Samsung Captivate for AT&T preview

AT&T may have been accused of crippling its Android phones, but the Samsung Captivate — one of the US versions of the Galaxy S — is about to change all of that. Oh sure, the company released the specs last week, but us resourceful folk got some hands-on time with the Super AMOLED-boasting, Android 2.1 phone prior to its unknown stateside launch. The model we got to play with was clearly an early build (it wasn’t even branded Samsung or AT&T), but that didn’t stop us from putting it through the paces at a local Starbucks. Hit the break for a bulleted breakdown of our impressions and a short hands-on video. Oh, and don’t forget to make a pit stop at the gallery below before getting into the good stuff.

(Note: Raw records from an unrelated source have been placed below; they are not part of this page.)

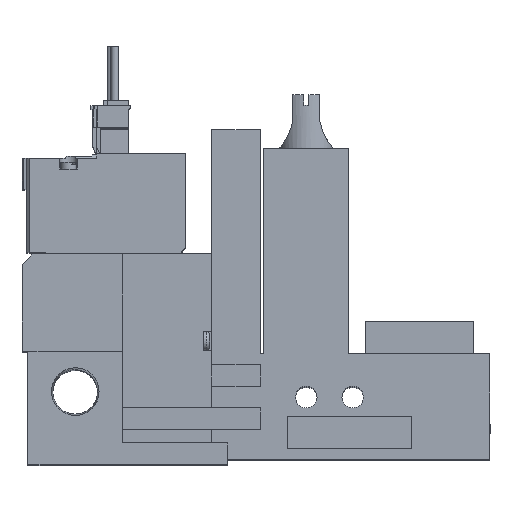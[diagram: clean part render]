
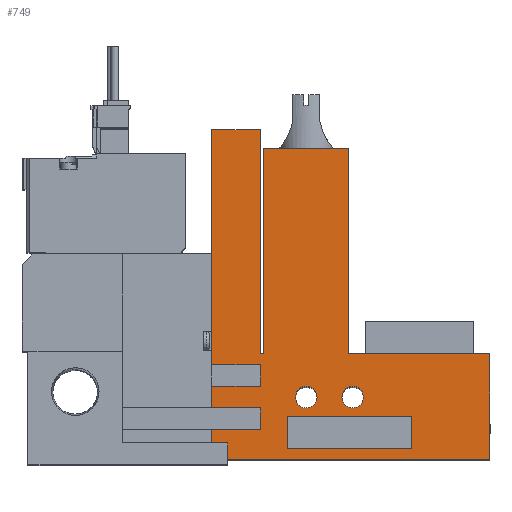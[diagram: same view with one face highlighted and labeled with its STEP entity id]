
A CAD part, top view. The second image highlights one B-rep face of the part: STEP entity #749.
In plain terms, the highlighted planar face has unit normal (0, 0, 1).
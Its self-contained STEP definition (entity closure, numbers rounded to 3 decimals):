
#749=ADVANCED_FACE('',(#1469,#1470,#1471,#1472),#1473,.T.);
#1469=FACE_OUTER_BOUND('',#2520,.T.);
#1470=FACE_BOUND('',#2521,.T.);
#1471=FACE_BOUND('',#2522,.T.);
#1472=FACE_BOUND('',#2523,.T.);
#1473=PLANE('',#2524);
#2520=EDGE_LOOP('',(#5095,#5096,#5097,#5098,#5099,#5100,#5101,#5102,#5103,#5104,#5105,#5106,#5107,#5108,#5109,#5110,#5111,#5112));
#2521=EDGE_LOOP('',(#5113,#5114,#5115,#5116));
#2522=EDGE_LOOP('',(#5117));
#2523=EDGE_LOOP('',(#5118));
#2524=AXIS2_PLACEMENT_3D('',#5119,#5120,#5121);
#5095=ORIENTED_EDGE('',*,*,#7251,.T.);
#5096=ORIENTED_EDGE('',*,*,#7252,.T.);
#5097=ORIENTED_EDGE('',*,*,#7253,.T.);
#5098=ORIENTED_EDGE('',*,*,#7254,.T.);
#5099=ORIENTED_EDGE('',*,*,#7255,.T.);
#5100=ORIENTED_EDGE('',*,*,#7256,.T.);
#5101=ORIENTED_EDGE('',*,*,#7257,.T.);
#5102=ORIENTED_EDGE('',*,*,#7258,.T.);
#5103=ORIENTED_EDGE('',*,*,#7259,.T.);
#5104=ORIENTED_EDGE('',*,*,#7260,.T.);
#5105=ORIENTED_EDGE('',*,*,#7261,.T.);
#5106=ORIENTED_EDGE('',*,*,#7262,.T.);
#5107=ORIENTED_EDGE('',*,*,#7263,.T.);
#5108=ORIENTED_EDGE('',*,*,#7264,.T.);
#5109=ORIENTED_EDGE('',*,*,#7265,.T.);
#5110=ORIENTED_EDGE('',*,*,#7266,.T.);
#5111=ORIENTED_EDGE('',*,*,#7267,.T.);
#5112=ORIENTED_EDGE('',*,*,#7268,.T.);
#5113=ORIENTED_EDGE('',*,*,#7269,.T.);
#5114=ORIENTED_EDGE('',*,*,#7270,.T.);
#5115=ORIENTED_EDGE('',*,*,#7271,.T.);
#5116=ORIENTED_EDGE('',*,*,#7272,.T.);
#5117=ORIENTED_EDGE('',*,*,#7250,.T.);
#5118=ORIENTED_EDGE('',*,*,#7273,.T.);
#5119=CARTESIAN_POINT('',(0.0,0.0,10.0));
#5120=DIRECTION('',(0.0,0.0,1.0));
#5121=DIRECTION('',(1.0,0.0,0.0));
#7250=EDGE_CURVE('',#8786,#8786,#8787,.T.);
#7251=EDGE_CURVE('',#8788,#8789,#8790,.T.);
#7252=EDGE_CURVE('',#8789,#8791,#8792,.T.);
#7253=EDGE_CURVE('',#8791,#8793,#8794,.T.);
#7254=EDGE_CURVE('',#8793,#8795,#8796,.T.);
#7255=EDGE_CURVE('',#8795,#8797,#8798,.T.);
#7256=EDGE_CURVE('',#8797,#8799,#8800,.T.);
#7257=EDGE_CURVE('',#8799,#8801,#8802,.T.);
#7258=EDGE_CURVE('',#8801,#8803,#8804,.T.);
#7259=EDGE_CURVE('',#8803,#8805,#8806,.T.);
#7260=EDGE_CURVE('',#8805,#8807,#8808,.T.);
#7261=EDGE_CURVE('',#8807,#8809,#8810,.T.);
#7262=EDGE_CURVE('',#8809,#8811,#8812,.T.);
#7263=EDGE_CURVE('',#8811,#8813,#8814,.T.);
#7264=EDGE_CURVE('',#8813,#8815,#8816,.T.);
#7265=EDGE_CURVE('',#8815,#8817,#8818,.T.);
#7266=EDGE_CURVE('',#8817,#8819,#8820,.T.);
#7267=EDGE_CURVE('',#8819,#8821,#8822,.T.);
#7268=EDGE_CURVE('',#8821,#8788,#8823,.T.);
#7269=EDGE_CURVE('',#8824,#8825,#8826,.T.);
#7270=EDGE_CURVE('',#8825,#8827,#8828,.T.);
#7271=EDGE_CURVE('',#8827,#8829,#8830,.T.);
#7272=EDGE_CURVE('',#8829,#8824,#8831,.T.);
#7273=EDGE_CURVE('',#8832,#8832,#8833,.T.);
#8786=VERTEX_POINT('',#11277);
#8787=CIRCLE('',#11278,2.0);
#8788=VERTEX_POINT('',#11279);
#8789=VERTEX_POINT('',#11280);
#8790=LINE('',#11281,#11282);
#8791=VERTEX_POINT('',#11283);
#8792=LINE('',#11284,#11285);
#8793=VERTEX_POINT('',#11286);
#8794=LINE('',#11287,#11288);
#8795=VERTEX_POINT('',#11289);
#8796=LINE('',#11290,#11291);
#8797=VERTEX_POINT('',#11292);
#8798=LINE('',#11293,#11294);
#8799=VERTEX_POINT('',#11295);
#8800=LINE('',#11296,#11297);
#8801=VERTEX_POINT('',#11298);
#8802=LINE('',#11299,#11300);
#8803=VERTEX_POINT('',#11301);
#8804=LINE('',#11302,#11303);
#8805=VERTEX_POINT('',#11304);
#8806=LINE('',#11305,#11306);
#8807=VERTEX_POINT('',#11307);
#8808=LINE('',#11308,#11309);
#8809=VERTEX_POINT('',#11310);
#8810=LINE('',#11311,#11312);
#8811=VERTEX_POINT('',#11313);
#8812=LINE('',#11314,#11315);
#8813=VERTEX_POINT('',#11316);
#8814=LINE('',#11317,#11318);
#8815=VERTEX_POINT('',#11319);
#8816=LINE('',#11320,#11321);
#8817=VERTEX_POINT('',#11322);
#8818=LINE('',#11323,#11324);
#8819=VERTEX_POINT('',#11325);
#8820=LINE('',#11326,#11327);
#8821=VERTEX_POINT('',#11328);
#8822=LINE('',#11329,#11330);
#8823=LINE('',#11331,#11332);
#8824=VERTEX_POINT('',#11333);
#8825=VERTEX_POINT('',#11334);
#8826=LINE('',#11335,#11336);
#8827=VERTEX_POINT('',#11337);
#8828=LINE('',#11338,#11339);
#8829=VERTEX_POINT('',#11340);
#8830=LINE('',#11341,#11342);
#8831=LINE('',#11343,#11344);
#8832=VERTEX_POINT('',#11345);
#8833=CIRCLE('',#11346,2.0);
#11277=CARTESIAN_POINT('',(54.6,11.5,10.0));
#11278=AXIS2_PLACEMENT_3D('',#13388,#13389,#13390);
#11279=CARTESIAN_POINT('',(35.1,61.0,10.0));
#11280=CARTESIAN_POINT('',(35.1,17.5,10.0));
#11281=CARTESIAN_POINT('',(35.1,61.0,10.0));
#11282=VECTOR('',#13391,1.0);
#11283=CARTESIAN_POINT('',(44.1,17.5,10.0));
#11284=CARTESIAN_POINT('',(0.0,17.5,10.0));
#11285=VECTOR('',#13392,1.0);
#11286=CARTESIAN_POINT('',(44.1,13.5,10.0));
#11287=CARTESIAN_POINT('',(44.1,0.0,10.0));
#11288=VECTOR('',#13393,1.0);
#11289=CARTESIAN_POINT('',(35.1,13.5,10.0));
#11290=CARTESIAN_POINT('',(0.0,13.5,10.0));
#11291=VECTOR('',#13394,1.0);
#11292=CARTESIAN_POINT('',(35.1,9.5,10.0));
#11293=CARTESIAN_POINT('',(35.1,0.0,10.0));
#11294=VECTOR('',#13395,1.0);
#11295=CARTESIAN_POINT('',(44.1,9.5,10.0));
#11296=CARTESIAN_POINT('',(0.0,9.5,10.0));
#11297=VECTOR('',#13396,1.0);
#11298=CARTESIAN_POINT('',(44.1,5.5,10.0));
#11299=CARTESIAN_POINT('',(44.1,0.0,10.0));
#11300=VECTOR('',#13397,1.0);
#11301=CARTESIAN_POINT('',(35.1,5.5,10.0));
#11302=CARTESIAN_POINT('',(0.0,5.5,10.0));
#11303=VECTOR('',#13398,1.0);
#11304=CARTESIAN_POINT('',(35.1,0.0,10.0));
#11305=CARTESIAN_POINT('',(35.1,0.0,10.0));
#11306=VECTOR('',#13399,1.0);
#11307=CARTESIAN_POINT('',(86.6,0.0,10.0));
#11308=CARTESIAN_POINT('',(18.6,0.0,10.0));
#11309=VECTOR('',#13400,1.0);
#11310=CARTESIAN_POINT('',(86.6,19.5,10.0));
#11311=CARTESIAN_POINT('',(86.6,0.0,10.0));
#11312=VECTOR('',#13401,1.0);
#11313=CARTESIAN_POINT('',(60.45,19.5,10.0));
#11314=CARTESIAN_POINT('',(86.6,19.5,10.0));
#11315=VECTOR('',#13402,1.0);
#11316=CARTESIAN_POINT('',(60.45,57.5,10.0));
#11317=CARTESIAN_POINT('',(60.45,19.5,10.0));
#11318=VECTOR('',#13403,1.0);
#11319=CARTESIAN_POINT('',(44.75,57.5,10.0));
#11320=CARTESIAN_POINT('',(60.45,57.5,10.0));
#11321=VECTOR('',#13404,1.0);
#11322=CARTESIAN_POINT('',(44.75,19.5,10.0));
#11323=CARTESIAN_POINT('',(44.75,57.5,10.0));
#11324=VECTOR('',#13405,1.0);
#11325=CARTESIAN_POINT('',(44.1,19.5,10.0));
#11326=CARTESIAN_POINT('',(44.75,19.5,10.0));
#11327=VECTOR('',#13406,1.0);
#11328=CARTESIAN_POINT('',(44.1,61.0,10.0));
#11329=CARTESIAN_POINT('',(44.1,19.5,10.0));
#11330=VECTOR('',#13407,1.0);
#11331=CARTESIAN_POINT('',(44.1,61.0,10.0));
#11332=VECTOR('',#13408,1.0);
#11333=CARTESIAN_POINT('',(49.1,2.0,10.0));
#11334=CARTESIAN_POINT('',(49.1,8.0,10.0));
#11335=CARTESIAN_POINT('',(49.1,0.0,10.0));
#11336=VECTOR('',#13409,1.0);
#11337=CARTESIAN_POINT('',(72.1,8.0,10.0));
#11338=CARTESIAN_POINT('',(0.0,8.0,10.0));
#11339=VECTOR('',#13410,1.0);
#11340=CARTESIAN_POINT('',(72.1,2.0,10.0));
#11341=CARTESIAN_POINT('',(72.1,0.0,10.0));
#11342=VECTOR('',#13411,1.0);
#11343=CARTESIAN_POINT('',(0.0,2.0,10.0));
#11344=VECTOR('',#13412,1.0);
#11345=CARTESIAN_POINT('',(63.2,11.5,10.0));
#11346=AXIS2_PLACEMENT_3D('',#13413,#13414,#13415);
#13388=CARTESIAN_POINT('',(52.6,11.5,10.0));
#13389=DIRECTION('',(0.0,0.0,-1.0));
#13390=DIRECTION('',(1.0,0.0,0.0));
#13391=DIRECTION('',(0.0,-1.0,0.0));
#13392=DIRECTION('',(1.0,0.0,0.0));
#13393=DIRECTION('',(0.0,-1.0,0.0));
#13394=DIRECTION('',(-1.0,0.0,0.0));
#13395=DIRECTION('',(0.0,-1.0,0.0));
#13396=DIRECTION('',(1.0,0.0,0.0));
#13397=DIRECTION('',(0.0,-1.0,0.0));
#13398=DIRECTION('',(-1.0,0.0,0.0));
#13399=DIRECTION('',(0.0,-1.0,0.0));
#13400=DIRECTION('',(1.0,0.0,0.0));
#13401=DIRECTION('',(0.0,1.0,0.0));
#13402=DIRECTION('',(-1.0,0.0,0.0));
#13403=DIRECTION('',(0.0,1.0,0.0));
#13404=DIRECTION('',(-1.0,0.0,0.0));
#13405=DIRECTION('',(0.0,-1.0,0.0));
#13406=DIRECTION('',(-1.0,0.0,0.0));
#13407=DIRECTION('',(0.0,1.0,0.0));
#13408=DIRECTION('',(-1.0,0.0,0.0));
#13409=DIRECTION('',(0.0,1.0,0.0));
#13410=DIRECTION('',(1.0,0.0,0.0));
#13411=DIRECTION('',(0.0,-1.0,0.0));
#13412=DIRECTION('',(-1.0,0.0,0.0));
#13413=CARTESIAN_POINT('',(61.2,11.5,10.0));
#13414=DIRECTION('',(0.0,0.0,-1.0));
#13415=DIRECTION('',(1.0,0.0,0.0));

  • Hardware: The 4-inch Captivate isn’t as large and in charge as the 4.3-inch Droid X or EVO, but in our opinion it’s just the right size. While the design isn’t all that unique, there’s something about the all-screen phone that is pretty striking, and there’s no denying that the hardware was very thin and light in hand. The curved bottom lip reminds us of the BlackBerry Storm for some reason, and it too has four touch sensitive buttons. Oh, and for those that were hoping the Captivate looked like the Galaxy S, we can confirm that the two look more like distant cousins than siblings.
  • Screen: The Captivate has the same Super AMOLED display as the Galaxy S, and we’ll have toagree with our English counterpart who said “it is one of the finest displays you can hope to lay eyes on.” We didn’t get to test the display in sunlight, but indoors and outdoors (around dusk) it was seriously bright and crisp. The photos and video below don’t really do justice to the quality, but when we watched a video clip colors just popped and looking at the preloaded wallpapers was all sorts of glorious. We found the capacitive touchscreen itself to be mighty responsive.
  • Software: The phone we saw was running Android 2.1 and some version of Samsung’sTouchWiz — we’re assuming it’s 3.0 like the Galaxy S we saw in London a few days ago. The skin isn’t too distracting and actually polishes up Android a bit. There’s the ability to decorate the panes with Samsung widgets, one of which includes a funky social networking feed. There’s also a helpful settings bar that reveals itself when you slide down the Android window shade. Samsung’s also preloaded Swype, which is always a welcome addition. All in all, we’re just happy to see AT&T hasn’t done much to the OS, or at least as far as we could tell. Sure, there are the usual carrier applications, like AT&T Navigation, Music and Tones, but that’s really about it.
  • Camera: For some reason the Captivate doesn’t have a dedicated physical camera button or a flash, but its 5-megapixel camera took some decent quality shots from what we could tell in our short time with it. We didn’t have any problem focusing and snapping some pics. When we went to shoot some 720p video, there wasn’t any lag in capturing, and for whatever it’s worth, playing the video on the screen looked crisp and clear.
  • Performance: Here’s the part where we hope to the powers that be that Samsung is hard at work or the Captivate we saw was an extremely early model. The phone we demoed was powered by an ARMv7 processor running at 800MHz — though according to the official press release the phone is planned to have a 1GHz ARMv7 core (a Samsung Hummingbird, to be specific). Regardless, it was quite sluggish when maneuvering through menus, launching apps and trying to back track to the homescreen — it was nowhere near as snappy as what we’ve seen in videos from the Galaxy S or as the Droid X we saw last week. The model we saw wasconfirmed to be a few months old, so our guess is that the final version will be a whole lot snappier than what we saw. Or at least that’s what we’re really hoping since the rest of the Captivate experience was pretty, well for lack of a better word… captivating.